The topic connects several big ideas:
- $\text{human nature}$: what humans are like in general,
- $\text{identity}$: what makes a person the same over time,
- $\text{mind and body}$: how consciousness relates to the physical world,
- $\text{self}$: how a person understands themselves,
- $\text{persons}$: how we recognize and value others.
These ideas matter because they affect how we live. If identity depends on memory, then forgetting becomes philosophically important. If mind is more than brain activity, then consciousness may have a special status. If persons are relational, then isolation and community take on ethical significance. Each theory changes how we understand human life 🧠.
Conclusion
Applying philosophical analysis to the Core Theme — Being Human means carefully examining what it means to be a person. You should now understand that human identity can be studied through questions about the $\text{self}$, $\text{mind}$, $\text{body}$, and $\text{knowledge of persons}$. Philosophers disagree about whether identity depends on memory, body, soul, or social relationships, but all of them aim to answer a shared question: what makes human beings who they are?

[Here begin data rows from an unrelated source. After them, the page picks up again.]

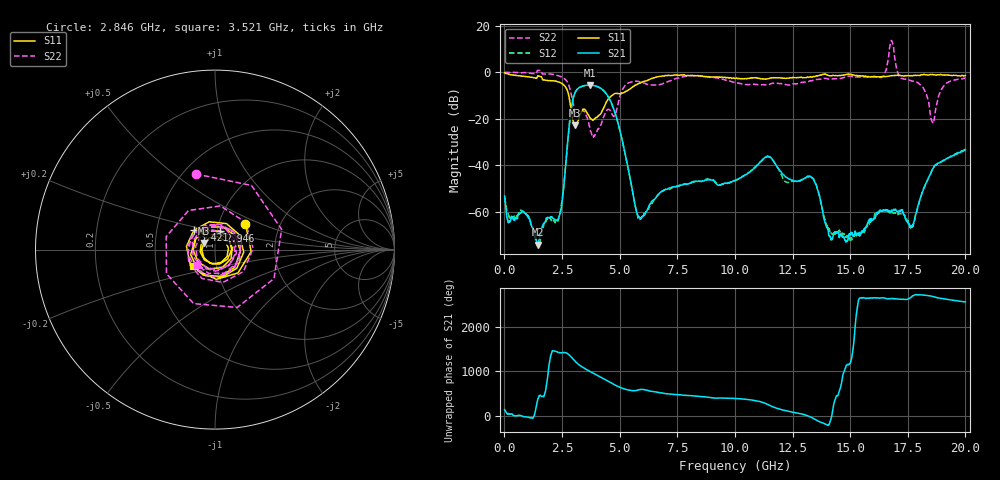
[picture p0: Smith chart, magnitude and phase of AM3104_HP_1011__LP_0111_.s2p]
!Created with skrf (http://scikit-rf.org).
# Hz S RI R 50.0
!freq ReS11 ImS11 ReS21 ImS21 ReS12 ImS12 ReS22 ImS22
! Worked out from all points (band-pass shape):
!   1601 points, 10 MHz to 20 GHz, reference 50 ohm
!   highest |S21| = -5.47 dB at 3.708 GHz (marker M1); lowest = -74.0 dB at 1.447 GHz (marker M2)
!   |S21| within 3 dB of the highest: 3.081 GHz to 4.359 GHz (1.277 GHz wide, 34.3 % of centre)
!   lowest |S11| = -22.8 dB at 3.046 GHz (marker M3), VSWR 1.16, Z = 44 + j3.32 ohm
!   |S11| at or under -10 dB: 2.794 GHz to 4.662 GHz (1.868 GHz wide, 50.1 % of centre)
!   |S22| runs from -28.1 to 13.6 dB; largest |S21 - S12| = 0.035
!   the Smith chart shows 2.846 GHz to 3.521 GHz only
!   S11 on the Smith chart (normalised r, x): 2.846 GHz: 1.34, +0.41; 2.946 GHz: 1.03, +0.22; 3.421 GHz: 0.77, +0.17; 3.521 GHz: 0.77, -0.14
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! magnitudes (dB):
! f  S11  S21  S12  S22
! 10 MHz  -0.3  -53.2  -53.8  0.0
! 1.447 GHz  -1.6  -74.0  -74.6  0.8
! 2.396 GHz  -4.3  -61.3  -61.6  -1.7
! 2.846 GHz  -13.0  -19.9  -19.9  -7.2
! 2.946 GHz  -19.5  -13.0  -13.0  -11.6
! 3.046 GHz  -22.8  -9.3  -9.3  -16.1
! 3.346 GHz  -16.9  -6.1  -6.2  -16.7
! 3.421 GHz  -16.0  -5.9  -5.9  -16.4
! 3.521 GHz  -16.4  -5.7  -5.7  -17.6
! 3.708 GHz  -19.4  -5.5  -5.5  -23.8
! 4.733 GHz  -9.5  -15.5  -15.5  -19.0
! 5.832 GHz  -4.9  -62.0  -63.3  -4.0
! 6.682 GHz  -1.9  -52.5  -52.4  -5.4
! 10.01 GHz  -2.7  -46.6  -46.6  -4.5
! 11.43 GHz  -2.8  -36.0  -36.2  -5.5
! 13.34 GHz  -2.1  -45.3  -45.2  -3.6
! 14.17 GHz  -1.5  -72.0  -68.9  -3.0
! 16.36 GHz  -1.9  -59.7  -59.6  -2.3
! 16.68 GHz  -1.6  -59.5  -59.8  7.2
! 17.68 GHz  -1.6  -66.1  -66.9  -3.8
! 18.58 GHz  -1.0  -41.7  -41.9  -21.5
! 20 GHz  -1.4  -33.4  -33.1  -2.5

In IB Philosophy HL, your task is to explain these ideas clearly, evaluate them fairly, and use examples to support your judgment. When you do that, you are not only studying philosophy. You are practicing careful reflection on what it means to be human.
Study Notes
- Philosophical analysis means breaking ideas into parts, testing assumptions, and evaluating arguments.
- In Being Human, key terms include $\text{person}$, $\text{self}$, $\text{identity}$, $\text{consciousness}$, $\text{mind}$, and $\text{body}$.
- Personal identity asks what makes someone the same person over time.
- Main theories include bodily continuity, psychological continuity, soul theory, and narrative identity.
- Descartes defended dualism, the view that mind and body are distinct.
- Materialism argues that mental states depend on physical brain processes.
- The problem of consciousness asks how subjective experience arises.
- Knowledge of persons includes understanding both outward behavior and inner experience.
- Good IB answers explain, apply, compare, and evaluate philosophical views.
- Thought experiments are useful tools for testing ideas about identity and personhood.
- This topic fits the Core Theme — Being Human because it explores what makes humans thinking, feeling, social beings.